尾幌駅
(根室本線・おぼろ) 2010年9月
もう夕刻だが、東の果てだからか激しい夕光はなく、なんとなく明るい曇り空だった。それが妙に理性的だ。
車内は学生でそこそこ賑わっている。こんな一両の気動車が野原を右に左にカーブしつつ突っ走る列車に乗って帰る学生生活、それを振り返るときどんなことを思うのだろう。原野も湿原も単行も、何もかもが当たり前で、人に言うときはただ田舎だったというだけかもしれない。けれどそれぞれの故郷はあまり違っている。
気動車の疾走する中、おぼろ、が読み上げられる。学生らはいっさい気にせずしゃべり興じている。それで、おぼろにつくんだな、と思った。
停まると彼らは先頭に詰めかけた。運転士も昼とは違って、あとは人を家に帰すだけ、みたいな朗らかな表情をしている。自分の仕事も終わりというのもある。
地元の高校生らと一緒に降りる。五人くらいだ。すでに迎えの車がだだっ広い敷地に入ってきており、たいがい拾われて帰っていく。そんなことより駅にまた驚いていた。貨車一両分なのだが、きめの細かな塗装で、牛のイラストをあしらい、ものすごくかわいらしいく仕上がっている。また土をちょこんと盛ったような乗り場は、短く草生していて、それもまたかわいらしかった。「この感性はどこから来るんだろうか」 北海道の銘菓も、無意識にこういう影響を受けていそうだった。

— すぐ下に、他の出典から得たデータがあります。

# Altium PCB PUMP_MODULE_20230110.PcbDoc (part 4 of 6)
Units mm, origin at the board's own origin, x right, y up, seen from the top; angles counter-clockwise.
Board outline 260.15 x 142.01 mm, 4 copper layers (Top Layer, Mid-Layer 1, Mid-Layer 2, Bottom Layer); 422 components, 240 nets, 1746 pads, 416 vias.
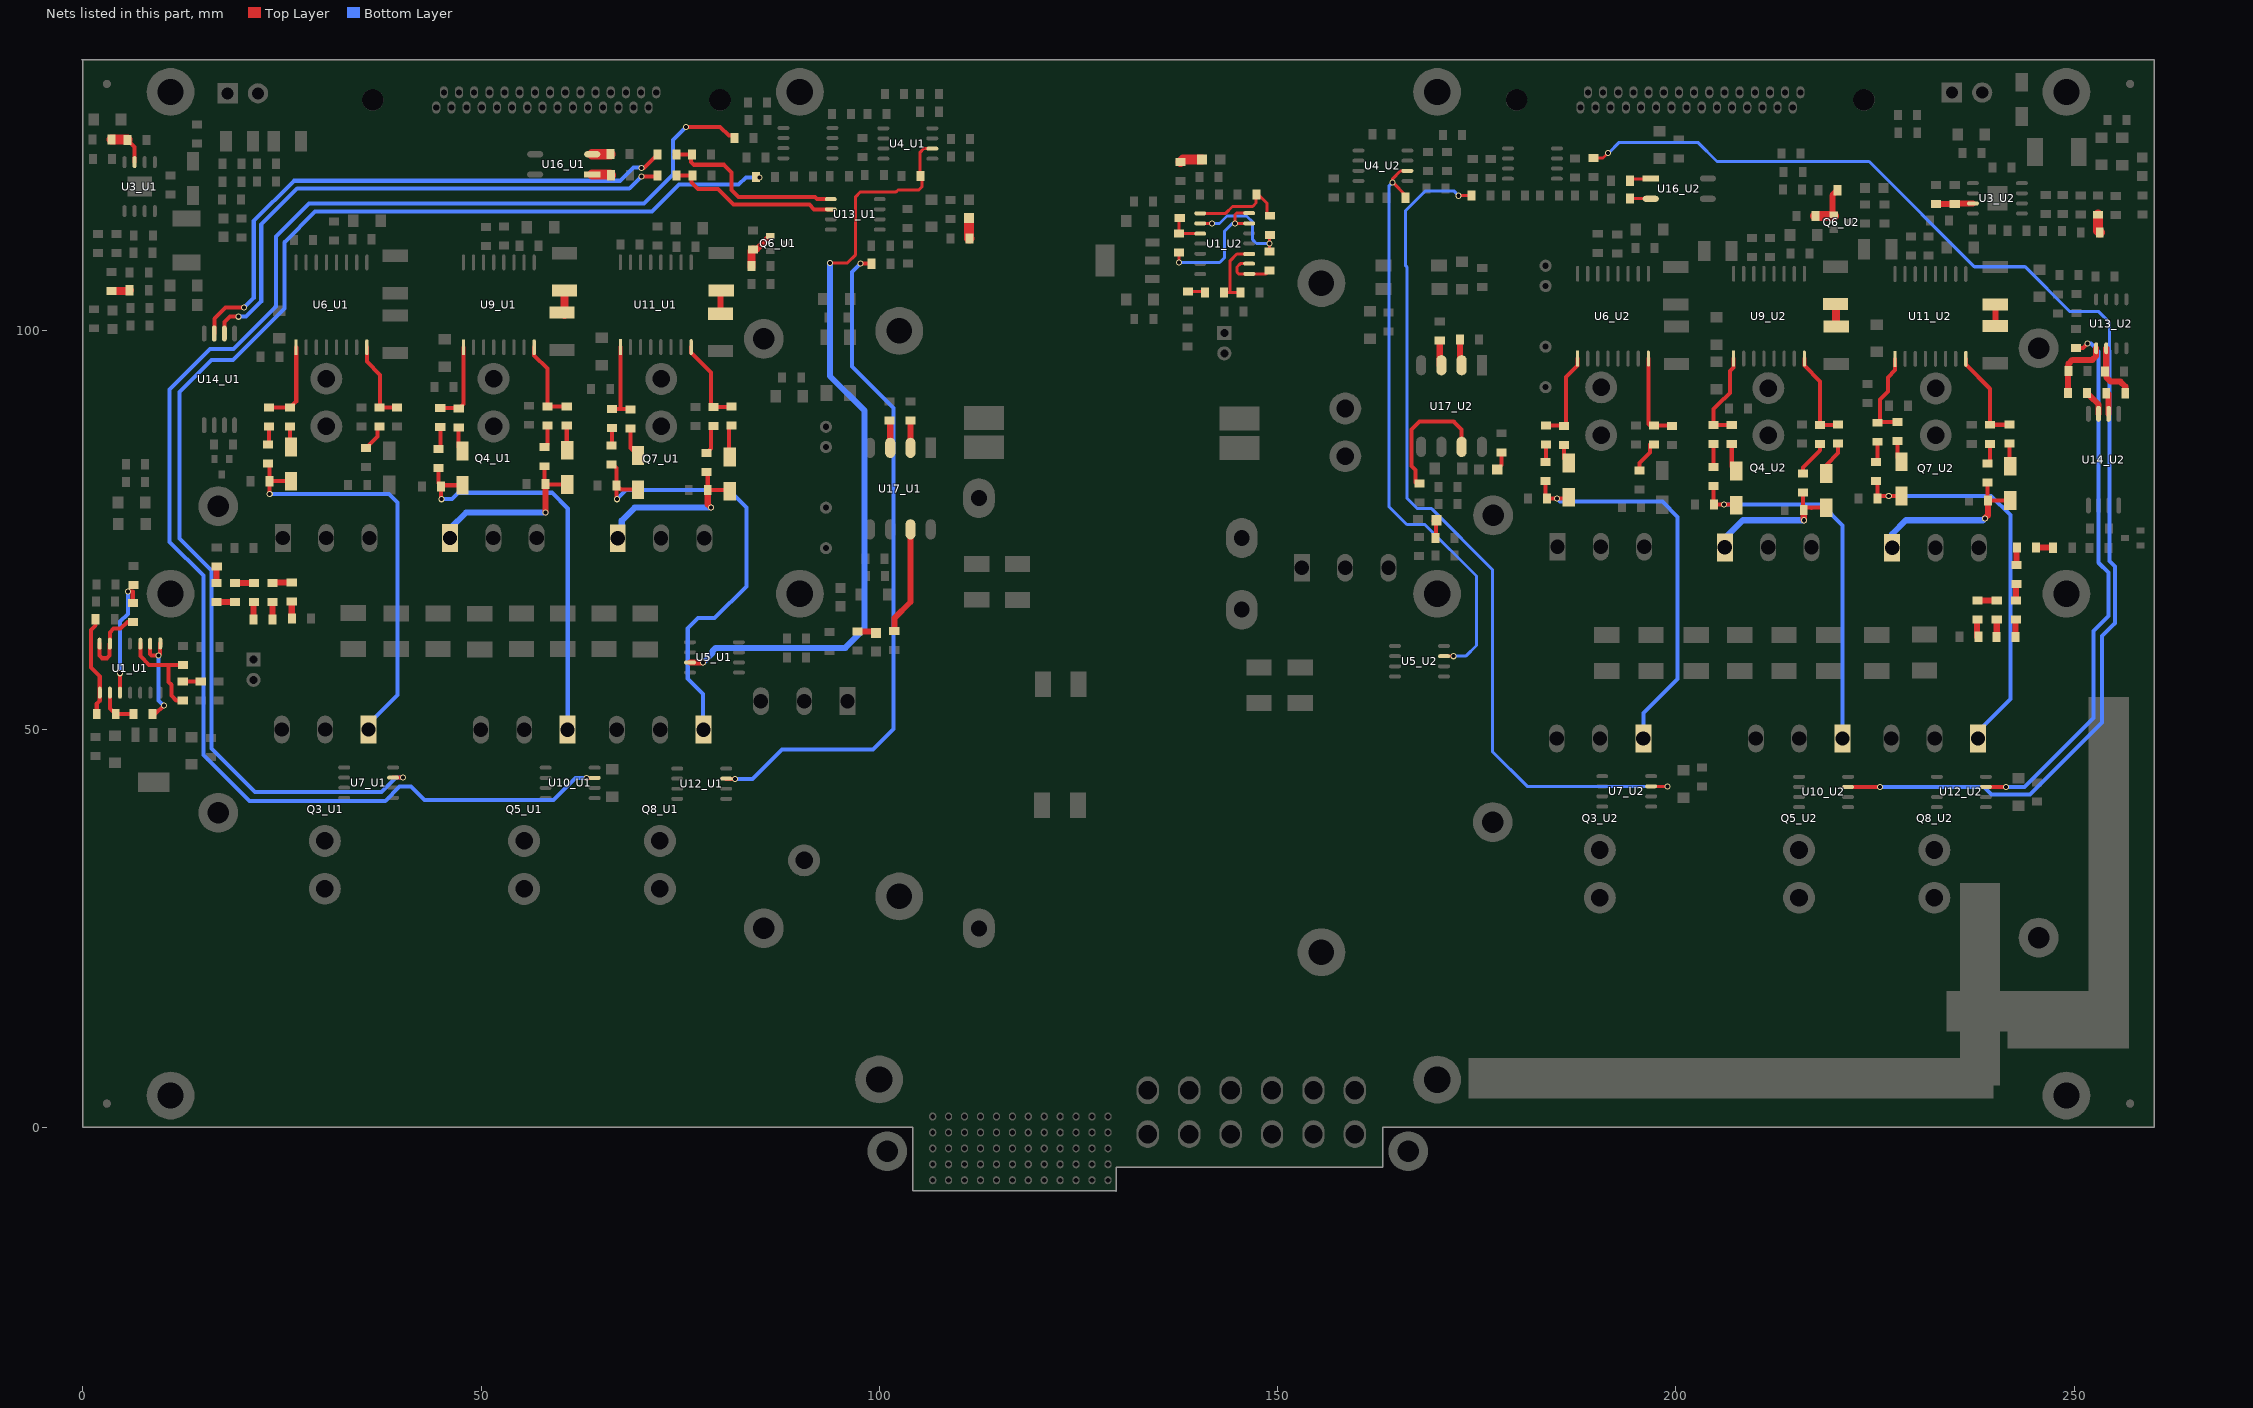
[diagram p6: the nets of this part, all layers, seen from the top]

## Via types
v1: diameter 0.762, hole 0.508, Top Layer to Bottom Layer, 208 vias
v2: diameter 2.032, hole 1.27, Top Layer to Bottom Layer, 78 vias
v3: diameter 1.27, hole 0.762, Top Layer to Bottom Layer, 61 vias
v4: diameter 1.524, hole 1.016, Top Layer to Bottom Layer, 53 vias
v5: diameter 1.27, hole 0.711, Top Layer to Bottom Layer, 16 vias

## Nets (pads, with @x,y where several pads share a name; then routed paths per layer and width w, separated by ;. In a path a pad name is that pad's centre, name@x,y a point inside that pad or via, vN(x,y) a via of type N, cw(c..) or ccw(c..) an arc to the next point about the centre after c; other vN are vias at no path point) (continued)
NetD8_U2_2: D8_U2.2 R34_U2.1 | length 2.4
  Top Layer w0.508: D8_U2.2@177.571,82.601 178.105,83.134 R34_U2.1@178.105,84.76
NetD9_U1_1: D9_U1.1 Q3_U1.1 R36_U1.2 R37_U1.2 | length 53.1
  Top Layer w0.508: R36_U1.2@23.241,83.363 23.444,83.16 R37_U1.2@23.444,81.128 ; v1(23.47,79.502) 23.444,79.527 R37_U1.2@23.444,81.128 ; D9_U1.1@26.137,81.128 R37_U1.2@23.444,81.128
  Bottom Layer w0.508: v1(23.47,79.502) 38.456,79.502 39.497,78.461 39.497,54.28 35.88,50.663 Q3_U1.1@35.88,50
NetD9_U1_2: D9_U1.2 R32_U1.2 | length 2.6
  Top Layer w0.508: R32_U1.2@26.035,87.986 26.035,85.529 D9_U1.2@26.137,85.428
NetD9_U2_1: D9_U2.1 Q3_U2.1 R36_U2.2 R37_U2.2 | length 50.8
  Top Layer w0.508: R36_U2.2@183.617,81.153 183.617,79.121 R37_U2.2@183.794,78.943 v1(185.077,78.943) 186.36,78.943 D9_U2.1@186.538,79.121
  Bottom Layer w0.508: v1(185.077,78.943) 185.458,78.562 198.298,78.562 200.228,76.632 200.228,56.312 195.921,52.005 Q3_U2.1@195.921,48.83
NetD9_U2_2: D9_U2.2 R32_U2.2 | length 2.5
  Top Layer w0.508: R32_U2.2@185.953,85.674 185.953,84.005 D9_U2.2@186.538,83.421
NetD10_U1_1: D10_U1.1 Q4_U1.1 R42_U1.2 R47_U1.2 | length 22.6
  Top Layer w0.508: R42_U1.2@57.963,83.007 57.963,80.899 R47_U1.2@58.064,80.797 58.141,80.721 D10_U1.1@60.833,80.721
  Top Layer w0.762: v1(58.064,77.216) 58.064,78.461 58.09,78.486 58.064,78.511 R47_U1.2@58.064,80.797
  Bottom Layer w0.762: Q4_U1.1@46.12,74 46.12,75.203 48.108,77.191 58.039,77.191 v1(58.064,77.216)
NetD10_U1_2: D10_U1.2 R39_U1.2 | length 3.1
  Top Layer w0.508: R39_U1.2@60.757,88.113 60.757,85.097 D10_U1.2@60.833,85.021
NetD10_U2_1: D10_U2.1 Q4_U2.1 R42_U2.2 R47_U2.2 | length 18.5
  Top Layer w0.508: R42_U2.2@215.951,79.705 215.951,77.622 R47_U2.2@216.052,77.521 216.332,77.8 217.018,77.8 ; 217.041,77.776 217.018,77.8 ; D10_U2.1@218.897,77.8 217.018,77.8
  Top Layer w0.762: R47_U2.2@216.052,77.521 216.052,76.251 v1(216.078,76.225)
  Bottom Layer w0.762: Q4_U2.1@206.146,72.822 206.146,73.965 208.407,76.225 v1(216.078,76.225)
NetD10_U2_2: D10_U2.2 R39_U2.2 | length 4.4
  Top Layer w0.508: D10_U2.2@218.897,82.1 218.897,83.185 220.37,84.658 R39_U2.2@220.37,85.852
NetD11_U1_2: D11_U1.2 D12_U1.1 | length 2.9
  Top Layer w1.016: D12_U1.1@60.477,101.981 D11_U1.2@60.477,104.902
NetD11_U2_2: D11_U2.2 D12_U2.1 | length 2.3
  Top Layer w1.016: D12_U2.1@220.116,100.533 D11_U2.2@220.116,102.819
NetD13_U1_2: D13_U1.2 R46_U1.2 | length 2.4
  Top Layer w0.762: R46_U1.2@97.282,62.255 99.416,62.255 D13_U1.2@99.593,62.078
NetD13_U2_2: D13_U2.2 R46_U2.2 | length 2.4
  Top Layer w0.508: D13_U2.2@169.748,76.124 169.596,76.124 169.875,75.844 R46_U2.2@169.875,73.965
NetD14_U1_1: D14_U1.1 Q5_U1.1 R53_U1.2 R54_U1.2 | length 51.5
  Top Layer w0.508: R53_U1.2@44.679,82.779 44.679,80.874 45.085,80.467 45.237,80.62 D14_U1.1@47.676,80.62 ; R54_U1.2@44.958,80.467 44.958,78.918 v1(45.009,78.867)
  Bottom Layer w0.508: v1(45.009,78.867) 46.33,78.867 47.142,79.68 58.928,79.68 60.884,77.724 60.884,50.004 Q5_U1.1@60.88,50
NetD14_U1_2: D14_U1.2 R49_U1.2 | length 3.1
  Top Layer w0.508: R49_U1.2@47.193,87.859 47.193,85.402 D14_U1.2@47.676,84.92
NetD14_U2_1: D14_U2.1 Q5_U2.1 R53_U2.2 R54_U2.2 | length 47.9
  Top Layer w0.508: R53_U2.2@204.724,80.518 204.724,78.232 R54_U2.2@204.775,78.181 v1(206.045,78.181) 207.493,78.181 D14_U2.1@207.569,78.105
  Bottom Layer w0.508: v1(206.045,78.181) 218.313,78.181 220.921,75.573 Q5_U2.1@220.921,48.83
NetD14_U2_2: D14_U2.2 R49_U2.2 | length 3.6
  Top Layer w0.508: R49_U2.2@207.01,85.801 207.01,82.964 D14_U2.2@207.569,82.405
NetD15_U1_1: D15_U1.1 Q7_U1.1 R61_U1.2 R62_U1.2 | length 21.9
  Top Layer w0.508: R61_U1.2@78.283,82.296 78.461,82.118 R62_U1.2@78.461,80.035 81.026,80.035 D15_U1.1@81.204,79.858
  Top Layer w0.762: R62_U1.2@78.461,80.035 78.461,78.207 78.867,77.8 v1(78.892,77.8)
  Bottom Layer w0.762: Q7_U1.1@67.12,74 67.666,74.546 67.666,76.175 69.291,77.8 v1(78.892,77.8)
NetD15_U1_2: D15_U1.2 R59_U1.2 | length 4
  Top Layer w0.508: R59_U1.2@81.128,88.113 81.128,84.234 D15_U1.2@81.204,84.158
NetD15_U2_1: D15_U2.1 Q7_U2.1 R61_U2.2 R62_U2.2 | length 21.7
  Top Layer w0.508: R61_U2.2@239.116,80.975 239.116,78.689 239.141,78.715 D15_U2.1@241.96,78.715
  Top Layer w0.762: v1(238.785,76.454) 239.166,76.835 R62_U2.2@239.166,78.689
  Bottom Layer w0.762: Q7_U2.1@227.152,72.771 227.152,74.498 228.879,76.225 238.557,76.225 v1(238.785,76.454)
NetD15_U2_2: D15_U2.2 R59_U2.2 | length 2.9
  Top Layer w0.508: R59_U2.2@241.884,85.852 241.884,83.091 D15_U2.2@241.96,83.015
NetD16_U1_2: D16_U1.2 D17_U1.1 | length 2.8
  Top Layer w0.762: D17_U1.1@80.061,102.159 D16_U1.2@80.061,105.004
NetD16_U2_2: D16_U2.2 D17_U2.1 | length 2.7
  Top Layer w0.762: D17_U2.1@240.106,100.635 D16_U2.2@240.106,103.327
NetD18_U1_1: D18_U1.1 Q8_U1.1 R67_U1.2 R68_U1.2 | length 58.1
  Top Layer w0.508: R67_U1.2@66.396,83.236 66.573,83.236 67.031,82.779 R68_U1.2@67.031,80.569 ; v1(67.056,78.867) 67.031,78.892 R68_U1.2@67.031,80.569 ; D18_U1.1@69.698,80.061 67.539,80.061 R68_U1.2@67.031,80.569
  Bottom Layer w0.508: v1(67.056,78.867) 68.199,80.01 81.102,80.01 83.312,77.8 83.312,67.92 79.324,63.932 77.241,63.932 75.946,62.636 75.946,56.363 77.88,54.429 Q8_U1.1@77.88,50
NetD18_U1_2: D18_U1.2 R64_U1.2 | length 3.8
  Top Layer w0.508: R64_U1.2@68.783,87.757 68.783,85.275 D18_U1.2@69.698,84.361
NetD18_U2_1: D18_U2.1 Q8_U2.1 R67_U2.2 R68_U2.2 | length 51.4
  Top Layer w0.508: R67_U2.2@225.12,81.153 225.323,80.95 R68_U2.2@225.323,78.943 225.654,79.273 v1(226.72,79.273) D18_U2.1@228.321,79.273
  Bottom Layer w0.508: v1(226.72,79.273) 239.573,79.273 241.986,76.86 241.986,53.797 237.921,49.733 Q8_U2.1@237.921,48.83
NetD18_U2_2: D18_U2.2 R64_U2.2 | length 2.8
  Top Layer w0.508: R64_U2.2@227.813,86.182 227.813,84.081 D18_U2.2@228.321,83.573
NetD19_U1_2: D19_U1.2 R71_U1.2 | length 2.6
  Top Layer w1.27: D19_U1.2@111.277,114.148 111.277,111.608 R71_U1.2@111.303,111.582
NetD19_U2_2: D19_U2.2 R71_U2.2 | length 2.8
  Top Layer w1.27: R71_U2.2@137.82,121.183 138.151,121.514 D19_U2.2@140.487,121.514
NetQ6_U1_1: Q6_U1.1 R55_U1.1 R58_U1.2 | length 5.1
  Top Layer w0.762: R55_U1.1@84.15,110.236 84.607,110.236 86.081,111.709 Q6_U1.1@86.309,111.709
  Top Layer w1.016: R58_U1.2@83.972,108.001 83.972,110.058 R55_U1.1@84.15,110.236
NetQ6_U2_1: Q6_U2.1 R55_U2.1 R58_U2.2 | length 5.8
  Top Layer w0.762: Q6_U2.1@219.812,114.579 219.634,114.757 219.634,117.018 R55_U2.1@220.269,117.653
  Top Layer w1.27: R58_U2.2@217.449,114.427 R58_U2.2@217.5,114.427 218.948,114.427 Q6_U2.1@219.812,114.427
NetR1_U1_1: R1_U1.1 R5_U1.1 U1_U1.1 | length 12
  Top Layer w0.508: 1.6,63.043 1.016,62.459 1.016,57.734 2.134,56.617 U1_U1.1@2.134,54.585 2.134,53.569 1.753,53.188 R1_U1.1@1.753,51.892
NetR1_U1_2: R1_U1.2 R2_U1.1 U1_U1.2 | length 5.3
  Top Layer w0.508: U1_U1.2@3.404,54.585 3.404,52.578 4.14,51.841 4.191,51.892 R2_U1.1@6.375,51.892
NetR1_U2_1: R1_U2.1 R5_U2.1 U1_U2.1 | length 12.1
  Top Layer w0.381: U1_U2.1@140.284,114.757 143.485,114.757 144.348,115.621 146.863,115.621 147.295,116.053 147.295,117.069 R5_U2.1@147.345,117.119 147.574,117.119 148.641,116.053 148.641,114.859 R1_U2.1@149.047,114.452
NetR1_U2_2: R1_U2.2 R2_U2.1 U1_U2.2 | length 13.9
  Top Layer w0.381: U1_U2.2@140.284,113.487 v1(141.757,113.487) ; R2_U2.1@148.996,109.982 v1(148.996,110.973) 148.996,112.014 R1_U2.2@149.047,112.065
  Bottom Layer w0.381: v1(141.757,113.487) 142.697,113.487 143.637,114.427 146.101,114.427 146.863,113.665 146.863,111.455 147.345,110.973 v1(148.996,110.973)
NetR2_U1_2: R2_U1.2 U1_U1.8 U1_U1.9 | length 12.5
  Top Layer w0.508: U1_U1.9@8.458,60.731 8.458,59.436 8.636,59.258 v1(9.5,59.258) 9.703,59.461 9.703,60.731 U1_U1.8@9.728,60.757 ; R2_U1.2@8.763,51.892 9.093,51.892 v1(10.185,52.984)
  Bottom Layer w0.508: v1(9.5,59.258) 9.5,53.619 v1@10.16,52.959
NetR2_U2_2: R2_U2.2 U1_U2.8 U1_U2.9 | length 6.7
  Top Layer w0.381: U1_U2.9@146.431,108.433 145.313,108.433 144.907,108.026 144.907,107.366 145.161,107.112 146.406,107.112 U1_U2.8@146.456,107.163 148.565,107.163 R2_U2.2@148.996,107.594
NetR3_U1_2: R3_U1.2 R7_U1.1 U1_U1.10 | length 13
  Top Layer w0.508: U1_U1.10@7.239,60.731 7.239,59.157 8.331,58.064 10.77,58.064 ; R7_U1.1@12.548,53.619 11.735,53.619 11.125,54.229 11.125,55.575 10.77,55.931 10.77,58.064 ; R3_U1.2@12.573,58.064 10.77,58.064
NetR3_U2_2: R3_U2.2 R7_U2.1 U1_U2.10 | length 8.8
  Top Layer w0.381: R7_U2.1@143.256,104.8 144.018,104.8 ; R3_U2.2@145.339,104.8 144.018,104.8 ; U1_U2.10@146.431,109.652 144.882,109.652 144.043,108.814 144.043,104.826 144.018,104.8
NetR6_U1_1: R6_U1.1 R12_U1.1 U1_U1.3 | length 15.2
  Top Layer w0.508: U1_U1.3@4.674,54.585 4.674,56.998 v1(4.699,57.023) ; v1(5.664,67.285) 6.274,67.285 6.274,65.913 R6_U1.1@6.325,65.862
  Bottom Layer w0.508: v1(4.699,57.023) 4.699,63.5 5.664,64.465 v1(5.664,67.285)
NetR6_U1_2: R6_U1.2 U1_U1.13 U1_U1.14 | length 9.4
  Top Layer w0.508: U1_U1.14@2.108,60.731 2.108,59.233 2.438,58.903 3.048,58.903 3.378,59.233 3.378,60.706 U1_U1.13@3.404,60.731 3.404,62.154 3.861,62.611 4.75,62.611 5.613,63.475 R6_U1.2@6.325,63.475
NetR6_U2_1: R6_U2.1 R12_U2.1 U1_U2.3 | length 4.7
  Top Layer w0.381: R12_U2.1@137.719,114.173 137.617,114.071 R6_U2.1@137.617,112.217 U1_U2.3@140.284,112.217
NetR6_U2_2: R6_U2.2 U1_U2.13 U1_U2.14 | length 17
  Top Layer w0.381: v1(137.617,108.585) R6_U2.2@137.617,109.83 ; U1_U2.13@146.431,113.487 v1(144.653,113.487) 144.653,114.605 144.831,114.783 U1_U2.14@146.431,114.783
  Bottom Layer w0.381: v1(137.617,108.585) 142.723,108.585 143.358,109.22 143.358,112.547 144.297,113.487 v1(144.653,113.487)
NetR7_U1_2: R7_U1.2 R10_U1.2 | length 2.3
  Top Layer w0.508: R7_U1.2@12.548,56.007 R10_U1.2@14.808,56.007
NetR7_U2_2: R7_U2.2 R10_U2.2 | length 2.2
  Top Layer w0.381: R10_U2.2@138.735,104.927 140.741,104.927 R7_U2.2@140.868,104.8
NetR17_U1_2: R17_U1.2 R24_U1.1 U3_U1.3 | length 5.2
  Top Layer w0.508: R17_U1.2@5.613,123.977 6.502,123.088 U3_U1.3@6.502,121.183
  Top Layer w1.27: R24_U1.1@3.607,124.003 5.588,124.003 R17_U1.2@5.613,123.977
NetR17_U2_2: R17_U2.2 R24_U2.1 U3_U2.3 | length 4.4
  Top Layer w0.762: R24_U2.1@232.664,115.926 234.975,115.926 R17_U2.2@235.001,115.951 ; R17_U2.2@235.255,116.002 U3_U2.3@237.287,116.002
NetR19_U1_2: R19_U1.2 R20_U1.1 | length 2.3
  Top Layer w1.016: R19_U1.2@3.607,105.004 5.791,105.004 R20_U1.1@5.893,105.105
NetR19_U2_2: R19_U2.2 R20_U2.1 | length 2.3
  Top Layer w1.27: R20_U2.1@253.009,114.579 253.009,112.547 R19_U2.2@253.213,112.344
NetR23_U1_1: R23_U1.1 R26_U1.1 U6_U1.8 | length 10
  Top Layer w0.508: U6_U1.8@35.662,97.942 35.662,96.139 37.313,94.488 37.313,90.551 37.465,90.399 R23_U1.1@39.218,90.399
NetR23_U2_1: R23_U2.1 R26_U2.1 U6_U2.8 | length 10.8
  Top Layer w0.508: U6_U2.8@196.545,96.52 196.545,88.29 196.723,88.113 R23_U2.1@199.009,88.113
NetR26_U1_2: R26_U1.2 R27_U1.1 | length 3.3
  Top Layer w0.508: R27_U1.1@35.56,85.293 36.982,86.716 R26_U1.2@36.982,87.986
NetR26_U2_2: R26_U2.2 R27_U2.1 | length 3.8
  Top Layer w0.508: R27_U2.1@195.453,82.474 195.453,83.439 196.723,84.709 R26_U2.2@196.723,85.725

しかしたちまち私は駅に一人になる。けれど砂原周りの駅のようではなく、少し先に国道が見えたので行ってみるとコンビニがあり、たいそう驚く。ガススタンドもあり、どうも厚岸手前の小さな中継地点になっているようだ。けれどあとただただ、厚岸と釧路の間の無人地帯を延々と道路が結ぶだけなのだろう。
「そっか。結構都会なんだね」とつぶやきつつ、未舗装の道を駅へと戻る。
しーんと透き通る夕風。おぼろ、という和風な地の名も、小さな白熱灯に照らされて、洋菓子に変えられていくのを想わされる。向うの方の国道はまま車が走り抜けている。が、こっちはまるで古く取り残されたかのようだ。こんなに広い敷地があるのに! 「だけどあれだけ揃っていたら、安心感は全然違うだろうな。駅もコンビニも郵便局もある。」
しかしその敷地をどれだけ歩き回っても、向うの世界と接触することはなかったし、向うもこちらの駅としての思惟にアクセスすることはなかった。自分は鉄道の子なんだ、と思うが、しだいに暗くなり始める空もあいまって、私は自分のしていることに不安を覚え始めた。駅の世界はなぜいつもこんなふうによそを向いているのだろうか、青い砂利を運動靴で踏み鳴らしつつ薄明の空を見送る。